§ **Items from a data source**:
-- Opening Marker --
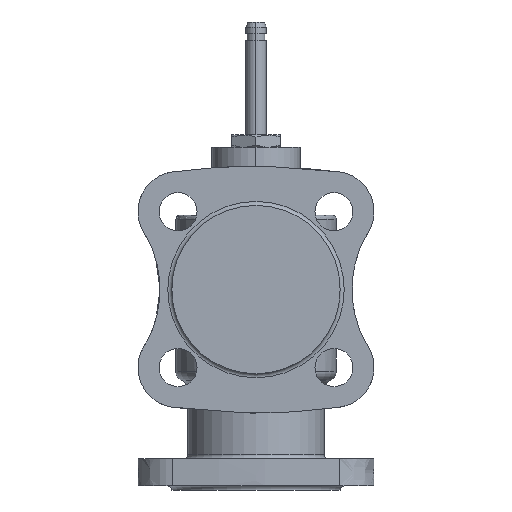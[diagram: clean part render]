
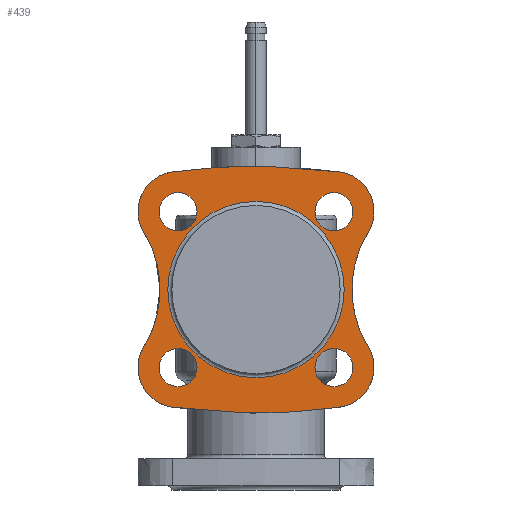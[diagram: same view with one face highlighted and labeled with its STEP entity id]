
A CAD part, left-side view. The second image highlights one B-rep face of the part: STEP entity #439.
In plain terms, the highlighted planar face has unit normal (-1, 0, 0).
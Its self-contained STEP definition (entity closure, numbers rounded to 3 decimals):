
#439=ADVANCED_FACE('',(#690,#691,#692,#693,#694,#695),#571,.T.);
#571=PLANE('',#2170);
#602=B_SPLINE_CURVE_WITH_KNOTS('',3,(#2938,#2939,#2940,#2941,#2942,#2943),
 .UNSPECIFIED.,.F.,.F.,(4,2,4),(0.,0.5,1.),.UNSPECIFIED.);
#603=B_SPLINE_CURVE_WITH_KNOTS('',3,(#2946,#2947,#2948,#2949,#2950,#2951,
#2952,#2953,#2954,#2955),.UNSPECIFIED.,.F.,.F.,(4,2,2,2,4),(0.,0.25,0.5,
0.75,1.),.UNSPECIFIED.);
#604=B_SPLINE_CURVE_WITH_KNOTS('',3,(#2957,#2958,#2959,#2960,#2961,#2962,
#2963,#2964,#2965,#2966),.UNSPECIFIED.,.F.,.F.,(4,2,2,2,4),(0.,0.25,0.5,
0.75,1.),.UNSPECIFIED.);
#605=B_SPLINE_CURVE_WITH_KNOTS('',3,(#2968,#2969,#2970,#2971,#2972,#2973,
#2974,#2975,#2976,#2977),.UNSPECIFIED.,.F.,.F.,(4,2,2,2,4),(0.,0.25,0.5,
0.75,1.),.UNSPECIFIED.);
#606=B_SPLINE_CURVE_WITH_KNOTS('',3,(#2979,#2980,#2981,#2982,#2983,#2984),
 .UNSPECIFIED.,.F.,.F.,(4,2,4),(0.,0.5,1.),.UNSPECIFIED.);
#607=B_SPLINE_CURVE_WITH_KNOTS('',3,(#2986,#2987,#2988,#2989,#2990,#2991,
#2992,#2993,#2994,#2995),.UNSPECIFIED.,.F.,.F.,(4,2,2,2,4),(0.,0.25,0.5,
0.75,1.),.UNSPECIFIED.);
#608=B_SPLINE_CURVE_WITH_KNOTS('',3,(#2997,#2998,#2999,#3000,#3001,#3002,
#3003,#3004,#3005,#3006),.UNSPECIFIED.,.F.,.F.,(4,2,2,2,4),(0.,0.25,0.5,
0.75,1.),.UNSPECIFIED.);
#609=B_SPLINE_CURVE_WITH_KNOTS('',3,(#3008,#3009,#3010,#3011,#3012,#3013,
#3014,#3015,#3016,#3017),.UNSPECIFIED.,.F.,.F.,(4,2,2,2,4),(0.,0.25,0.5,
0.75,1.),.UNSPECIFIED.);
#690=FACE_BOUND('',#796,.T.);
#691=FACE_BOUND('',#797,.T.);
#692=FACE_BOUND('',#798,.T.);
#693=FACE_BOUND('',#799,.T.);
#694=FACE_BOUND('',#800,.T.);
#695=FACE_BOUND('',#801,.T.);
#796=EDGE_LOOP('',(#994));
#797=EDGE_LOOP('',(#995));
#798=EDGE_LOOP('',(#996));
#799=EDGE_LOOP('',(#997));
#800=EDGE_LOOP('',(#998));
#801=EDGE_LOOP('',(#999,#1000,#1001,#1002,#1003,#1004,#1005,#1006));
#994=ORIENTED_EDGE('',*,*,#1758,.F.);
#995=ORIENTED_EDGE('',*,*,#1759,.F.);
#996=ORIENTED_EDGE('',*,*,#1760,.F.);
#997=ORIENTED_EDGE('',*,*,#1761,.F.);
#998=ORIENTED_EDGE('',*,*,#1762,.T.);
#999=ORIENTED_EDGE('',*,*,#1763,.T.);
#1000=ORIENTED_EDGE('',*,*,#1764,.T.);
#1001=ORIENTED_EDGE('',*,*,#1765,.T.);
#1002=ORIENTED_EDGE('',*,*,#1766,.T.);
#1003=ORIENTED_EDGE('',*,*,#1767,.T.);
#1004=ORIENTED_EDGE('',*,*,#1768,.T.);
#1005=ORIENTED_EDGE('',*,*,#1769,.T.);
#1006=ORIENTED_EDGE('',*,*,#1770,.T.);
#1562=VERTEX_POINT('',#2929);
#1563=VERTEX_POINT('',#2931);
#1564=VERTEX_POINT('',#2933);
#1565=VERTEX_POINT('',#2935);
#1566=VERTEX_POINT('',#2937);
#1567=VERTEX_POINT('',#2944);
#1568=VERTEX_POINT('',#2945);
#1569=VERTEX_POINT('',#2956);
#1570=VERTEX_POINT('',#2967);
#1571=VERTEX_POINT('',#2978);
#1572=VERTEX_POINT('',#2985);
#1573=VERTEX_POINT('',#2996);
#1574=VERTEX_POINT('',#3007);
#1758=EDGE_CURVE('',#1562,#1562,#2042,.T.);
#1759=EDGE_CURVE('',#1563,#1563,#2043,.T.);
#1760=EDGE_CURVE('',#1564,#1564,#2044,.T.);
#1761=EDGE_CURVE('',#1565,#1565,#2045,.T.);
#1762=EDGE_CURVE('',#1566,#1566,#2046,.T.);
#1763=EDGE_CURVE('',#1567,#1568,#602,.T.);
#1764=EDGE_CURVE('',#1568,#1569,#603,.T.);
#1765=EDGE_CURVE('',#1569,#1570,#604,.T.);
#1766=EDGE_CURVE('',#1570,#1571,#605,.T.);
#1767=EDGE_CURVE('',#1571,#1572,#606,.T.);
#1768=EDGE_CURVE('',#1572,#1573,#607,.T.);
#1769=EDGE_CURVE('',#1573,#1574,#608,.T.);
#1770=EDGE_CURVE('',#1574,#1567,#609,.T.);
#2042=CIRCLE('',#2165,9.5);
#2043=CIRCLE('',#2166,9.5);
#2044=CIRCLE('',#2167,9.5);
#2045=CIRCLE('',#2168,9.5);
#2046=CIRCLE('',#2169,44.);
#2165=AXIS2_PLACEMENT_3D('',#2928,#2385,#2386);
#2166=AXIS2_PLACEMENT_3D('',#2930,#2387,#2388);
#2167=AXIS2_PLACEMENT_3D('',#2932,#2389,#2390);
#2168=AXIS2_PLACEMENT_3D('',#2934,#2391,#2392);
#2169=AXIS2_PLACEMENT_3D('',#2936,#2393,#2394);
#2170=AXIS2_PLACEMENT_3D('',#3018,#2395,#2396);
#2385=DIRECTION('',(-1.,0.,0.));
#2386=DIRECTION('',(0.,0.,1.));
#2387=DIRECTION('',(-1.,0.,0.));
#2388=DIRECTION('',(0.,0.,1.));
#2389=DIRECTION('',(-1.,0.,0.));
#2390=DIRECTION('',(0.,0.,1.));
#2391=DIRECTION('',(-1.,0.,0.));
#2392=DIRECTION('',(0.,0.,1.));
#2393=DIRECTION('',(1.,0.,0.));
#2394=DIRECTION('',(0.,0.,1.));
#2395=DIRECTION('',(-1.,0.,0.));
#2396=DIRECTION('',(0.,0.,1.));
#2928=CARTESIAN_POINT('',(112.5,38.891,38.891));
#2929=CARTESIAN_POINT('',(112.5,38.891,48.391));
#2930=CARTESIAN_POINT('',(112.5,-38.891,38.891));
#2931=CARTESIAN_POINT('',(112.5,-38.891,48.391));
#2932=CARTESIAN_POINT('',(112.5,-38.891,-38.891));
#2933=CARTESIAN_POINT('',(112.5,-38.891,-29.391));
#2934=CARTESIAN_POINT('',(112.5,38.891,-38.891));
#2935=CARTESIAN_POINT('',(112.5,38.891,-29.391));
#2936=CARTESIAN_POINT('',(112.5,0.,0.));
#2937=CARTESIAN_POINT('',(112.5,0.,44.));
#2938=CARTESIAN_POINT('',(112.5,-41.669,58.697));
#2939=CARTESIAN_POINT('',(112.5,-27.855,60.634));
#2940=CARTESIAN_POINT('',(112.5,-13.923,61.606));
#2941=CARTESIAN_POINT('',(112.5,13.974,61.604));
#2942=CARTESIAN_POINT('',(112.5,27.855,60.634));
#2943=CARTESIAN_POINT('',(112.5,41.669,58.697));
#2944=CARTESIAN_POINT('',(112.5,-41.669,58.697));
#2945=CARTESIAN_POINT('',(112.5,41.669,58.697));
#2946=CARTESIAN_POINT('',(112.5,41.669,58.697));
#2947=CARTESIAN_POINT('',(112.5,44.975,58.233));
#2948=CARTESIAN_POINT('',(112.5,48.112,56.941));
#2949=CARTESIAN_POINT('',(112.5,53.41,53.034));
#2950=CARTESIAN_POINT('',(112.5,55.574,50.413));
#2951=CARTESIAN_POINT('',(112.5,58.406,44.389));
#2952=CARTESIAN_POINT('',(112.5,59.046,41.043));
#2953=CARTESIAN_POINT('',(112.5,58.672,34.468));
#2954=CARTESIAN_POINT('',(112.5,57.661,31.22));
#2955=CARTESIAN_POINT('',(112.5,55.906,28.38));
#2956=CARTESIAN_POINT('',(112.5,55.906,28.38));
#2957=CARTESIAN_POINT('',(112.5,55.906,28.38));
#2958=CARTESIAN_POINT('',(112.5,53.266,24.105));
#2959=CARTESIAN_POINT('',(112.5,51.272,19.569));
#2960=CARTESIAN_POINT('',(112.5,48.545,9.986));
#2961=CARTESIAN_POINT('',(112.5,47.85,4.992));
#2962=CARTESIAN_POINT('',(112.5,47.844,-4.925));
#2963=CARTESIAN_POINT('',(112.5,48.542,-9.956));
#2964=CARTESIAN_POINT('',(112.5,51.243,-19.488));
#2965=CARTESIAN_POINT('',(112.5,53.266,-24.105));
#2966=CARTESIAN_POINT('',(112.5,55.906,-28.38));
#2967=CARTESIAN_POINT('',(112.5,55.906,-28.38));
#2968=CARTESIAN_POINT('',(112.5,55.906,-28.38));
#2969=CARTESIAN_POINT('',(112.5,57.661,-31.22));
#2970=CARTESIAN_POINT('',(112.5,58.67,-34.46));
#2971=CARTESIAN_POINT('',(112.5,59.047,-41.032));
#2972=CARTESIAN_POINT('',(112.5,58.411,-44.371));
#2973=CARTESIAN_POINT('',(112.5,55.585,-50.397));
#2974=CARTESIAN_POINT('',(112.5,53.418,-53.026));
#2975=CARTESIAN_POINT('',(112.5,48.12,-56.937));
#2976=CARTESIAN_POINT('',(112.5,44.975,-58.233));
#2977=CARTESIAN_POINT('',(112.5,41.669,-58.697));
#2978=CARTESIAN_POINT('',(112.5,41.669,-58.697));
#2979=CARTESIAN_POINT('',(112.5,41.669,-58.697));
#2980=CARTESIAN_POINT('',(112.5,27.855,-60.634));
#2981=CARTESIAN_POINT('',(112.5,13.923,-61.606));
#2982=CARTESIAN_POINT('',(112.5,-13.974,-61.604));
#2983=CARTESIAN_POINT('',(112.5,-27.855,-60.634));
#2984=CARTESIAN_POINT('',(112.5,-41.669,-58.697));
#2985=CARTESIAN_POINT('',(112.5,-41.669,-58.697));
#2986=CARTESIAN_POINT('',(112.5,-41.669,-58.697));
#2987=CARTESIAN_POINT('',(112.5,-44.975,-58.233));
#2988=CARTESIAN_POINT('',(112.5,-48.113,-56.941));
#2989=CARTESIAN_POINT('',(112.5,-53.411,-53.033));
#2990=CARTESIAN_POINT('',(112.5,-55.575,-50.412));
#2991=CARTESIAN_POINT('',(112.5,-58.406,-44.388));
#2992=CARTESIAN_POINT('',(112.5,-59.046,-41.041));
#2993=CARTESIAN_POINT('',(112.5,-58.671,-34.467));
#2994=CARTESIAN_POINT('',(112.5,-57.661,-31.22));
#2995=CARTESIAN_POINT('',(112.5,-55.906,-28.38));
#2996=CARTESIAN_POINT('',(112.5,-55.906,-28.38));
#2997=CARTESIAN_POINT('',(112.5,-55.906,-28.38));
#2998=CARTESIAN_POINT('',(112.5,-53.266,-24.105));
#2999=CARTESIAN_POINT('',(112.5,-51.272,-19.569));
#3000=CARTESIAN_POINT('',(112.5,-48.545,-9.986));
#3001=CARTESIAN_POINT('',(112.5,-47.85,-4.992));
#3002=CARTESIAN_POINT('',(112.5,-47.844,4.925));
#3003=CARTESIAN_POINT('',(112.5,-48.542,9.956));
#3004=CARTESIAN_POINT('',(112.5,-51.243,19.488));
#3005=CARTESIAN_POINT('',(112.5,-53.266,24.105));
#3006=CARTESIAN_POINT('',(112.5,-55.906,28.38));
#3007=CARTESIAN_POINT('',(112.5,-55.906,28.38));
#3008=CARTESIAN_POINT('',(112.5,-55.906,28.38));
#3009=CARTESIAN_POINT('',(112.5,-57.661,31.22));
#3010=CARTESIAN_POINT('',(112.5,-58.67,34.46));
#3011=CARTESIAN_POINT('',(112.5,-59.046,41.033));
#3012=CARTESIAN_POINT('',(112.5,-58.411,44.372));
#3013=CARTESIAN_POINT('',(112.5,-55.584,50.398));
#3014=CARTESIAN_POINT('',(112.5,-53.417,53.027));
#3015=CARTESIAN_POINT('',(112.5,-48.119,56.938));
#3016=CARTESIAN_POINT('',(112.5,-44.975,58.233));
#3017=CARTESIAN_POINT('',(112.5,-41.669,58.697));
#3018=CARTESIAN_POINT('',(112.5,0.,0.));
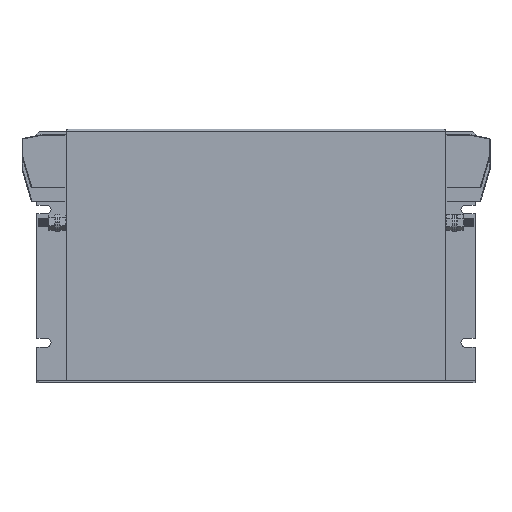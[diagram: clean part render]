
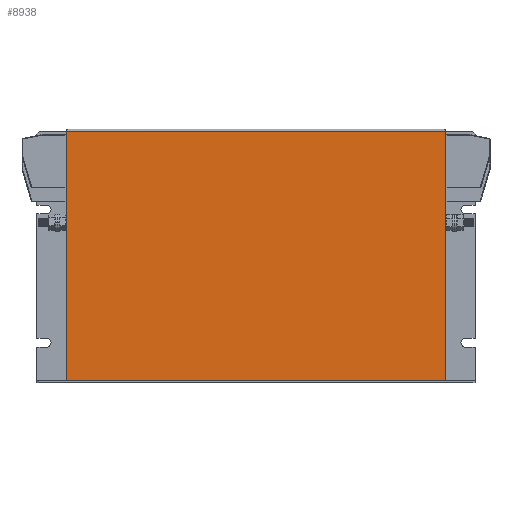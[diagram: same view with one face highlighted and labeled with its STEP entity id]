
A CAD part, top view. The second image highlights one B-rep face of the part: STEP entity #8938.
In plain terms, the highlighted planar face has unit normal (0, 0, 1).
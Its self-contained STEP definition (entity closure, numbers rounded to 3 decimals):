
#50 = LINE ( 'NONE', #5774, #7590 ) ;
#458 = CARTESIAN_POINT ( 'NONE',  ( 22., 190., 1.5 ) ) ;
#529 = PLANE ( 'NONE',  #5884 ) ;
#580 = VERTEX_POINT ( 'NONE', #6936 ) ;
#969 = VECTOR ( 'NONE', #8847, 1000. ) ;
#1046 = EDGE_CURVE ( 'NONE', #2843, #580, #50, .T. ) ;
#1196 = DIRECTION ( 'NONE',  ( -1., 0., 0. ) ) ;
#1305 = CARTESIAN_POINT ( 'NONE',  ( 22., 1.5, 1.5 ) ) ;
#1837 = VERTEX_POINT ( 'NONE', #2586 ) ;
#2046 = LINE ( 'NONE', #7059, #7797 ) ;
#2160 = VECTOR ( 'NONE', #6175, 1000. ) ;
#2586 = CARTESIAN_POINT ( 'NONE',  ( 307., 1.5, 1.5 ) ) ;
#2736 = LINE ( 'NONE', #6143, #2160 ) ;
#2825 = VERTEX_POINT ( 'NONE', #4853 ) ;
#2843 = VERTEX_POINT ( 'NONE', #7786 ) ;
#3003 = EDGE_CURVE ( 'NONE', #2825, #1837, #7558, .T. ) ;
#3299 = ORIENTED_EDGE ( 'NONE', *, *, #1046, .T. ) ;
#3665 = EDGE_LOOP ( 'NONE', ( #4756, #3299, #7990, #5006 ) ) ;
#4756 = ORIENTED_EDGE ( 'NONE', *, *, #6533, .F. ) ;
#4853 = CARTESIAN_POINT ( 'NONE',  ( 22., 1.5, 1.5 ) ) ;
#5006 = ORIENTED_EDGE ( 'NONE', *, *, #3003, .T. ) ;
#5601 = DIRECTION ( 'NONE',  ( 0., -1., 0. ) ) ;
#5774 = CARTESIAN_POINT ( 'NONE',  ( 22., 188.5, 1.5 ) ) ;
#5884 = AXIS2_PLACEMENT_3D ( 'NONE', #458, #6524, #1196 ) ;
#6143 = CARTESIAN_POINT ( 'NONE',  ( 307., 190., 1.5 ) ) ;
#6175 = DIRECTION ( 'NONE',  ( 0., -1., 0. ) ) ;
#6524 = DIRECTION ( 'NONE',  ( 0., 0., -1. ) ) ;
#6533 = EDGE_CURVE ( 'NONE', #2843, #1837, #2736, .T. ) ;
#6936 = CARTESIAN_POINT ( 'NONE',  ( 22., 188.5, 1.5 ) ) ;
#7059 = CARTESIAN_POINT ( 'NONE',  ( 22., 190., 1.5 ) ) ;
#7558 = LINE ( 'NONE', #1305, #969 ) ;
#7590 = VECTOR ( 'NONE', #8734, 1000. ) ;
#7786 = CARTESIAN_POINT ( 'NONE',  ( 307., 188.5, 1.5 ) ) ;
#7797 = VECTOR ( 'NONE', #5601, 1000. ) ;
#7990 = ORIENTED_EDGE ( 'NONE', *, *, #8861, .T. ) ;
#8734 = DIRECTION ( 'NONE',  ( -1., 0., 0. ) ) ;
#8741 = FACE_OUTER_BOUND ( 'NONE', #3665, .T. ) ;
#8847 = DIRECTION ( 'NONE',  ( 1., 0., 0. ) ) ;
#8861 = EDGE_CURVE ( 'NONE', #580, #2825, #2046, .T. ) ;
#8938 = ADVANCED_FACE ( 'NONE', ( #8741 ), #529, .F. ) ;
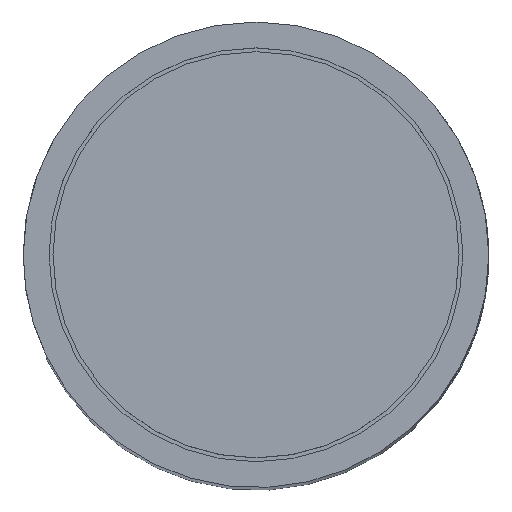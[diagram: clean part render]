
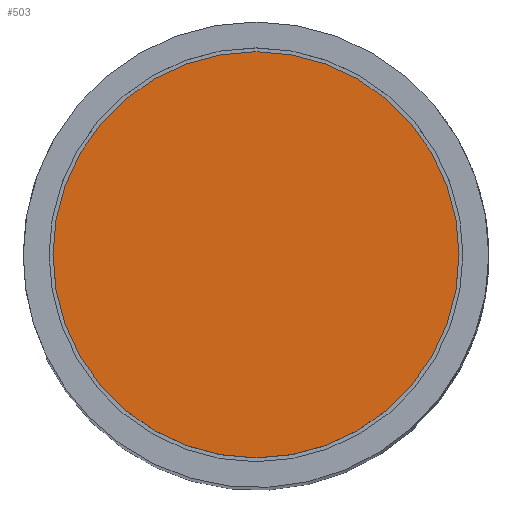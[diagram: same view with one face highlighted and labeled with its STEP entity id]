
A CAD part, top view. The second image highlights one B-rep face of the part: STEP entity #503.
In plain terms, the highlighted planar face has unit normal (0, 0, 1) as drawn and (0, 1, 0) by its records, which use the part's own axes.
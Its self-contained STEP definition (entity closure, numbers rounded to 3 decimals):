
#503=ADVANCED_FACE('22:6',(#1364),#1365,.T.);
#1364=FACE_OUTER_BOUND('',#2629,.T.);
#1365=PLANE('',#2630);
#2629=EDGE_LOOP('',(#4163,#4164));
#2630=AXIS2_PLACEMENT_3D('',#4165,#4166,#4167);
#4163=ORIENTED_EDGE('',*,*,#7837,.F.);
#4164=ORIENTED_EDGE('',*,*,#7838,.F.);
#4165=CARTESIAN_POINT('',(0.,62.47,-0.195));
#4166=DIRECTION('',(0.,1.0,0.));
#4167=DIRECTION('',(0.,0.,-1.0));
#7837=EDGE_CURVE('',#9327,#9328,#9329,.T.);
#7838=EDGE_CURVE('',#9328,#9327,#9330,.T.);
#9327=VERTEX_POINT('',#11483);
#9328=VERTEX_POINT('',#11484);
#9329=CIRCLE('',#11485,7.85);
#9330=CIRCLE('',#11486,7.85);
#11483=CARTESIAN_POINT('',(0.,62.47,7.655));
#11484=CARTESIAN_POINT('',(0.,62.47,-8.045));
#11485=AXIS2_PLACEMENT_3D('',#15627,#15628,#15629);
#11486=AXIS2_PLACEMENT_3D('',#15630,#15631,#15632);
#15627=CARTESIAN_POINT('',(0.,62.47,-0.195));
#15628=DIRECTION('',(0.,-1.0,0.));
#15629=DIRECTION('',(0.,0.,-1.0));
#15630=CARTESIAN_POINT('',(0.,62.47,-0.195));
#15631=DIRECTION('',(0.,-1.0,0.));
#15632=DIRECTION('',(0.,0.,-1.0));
-- Closing Marker --
§ **Directions**: Your answer must be the lines above from the one holding "#8938 = ADVANCED_FACE" up to and including the one holding "#4166=DIRECTION('',(0.,1.0,0.));", exact and with no pictures.

§ **Output for this exercise**:
#8938 = ADVANCED_FACE ( 'NONE', ( #8741 ), #529, .F. ) ;
[diagram: clean part render]
[diagram: same view with one face highlighted and labeled with its STEP entity id]
A CAD part, top view. The second image highlights one B-rep face of the part: STEP entity #503.
In plain terms, the highlighted planar face has unit normal (0, 0, 1) as drawn and (0, 1, 0) by its records, which use the part's own axes.
Its self-contained STEP definition (entity closure, numbers rounded to 3 decimals):
#503=ADVANCED_FACE('22:6',(#1364),#1365,.T.);
#1364=FACE_OUTER_BOUND('',#2629,.T.);
#1365=PLANE('',#2630);
#2629=EDGE_LOOP('',(#4163,#4164));
#2630=AXIS2_PLACEMENT_3D('',#4165,#4166,#4167);
#4163=ORIENTED_EDGE('',*,*,#7837,.F.);
#4164=ORIENTED_EDGE('',*,*,#7838,.F.);
#4165=CARTESIAN_POINT('',(0.,62.47,-0.195));
#4166=DIRECTION('',(0.,1.0,0.));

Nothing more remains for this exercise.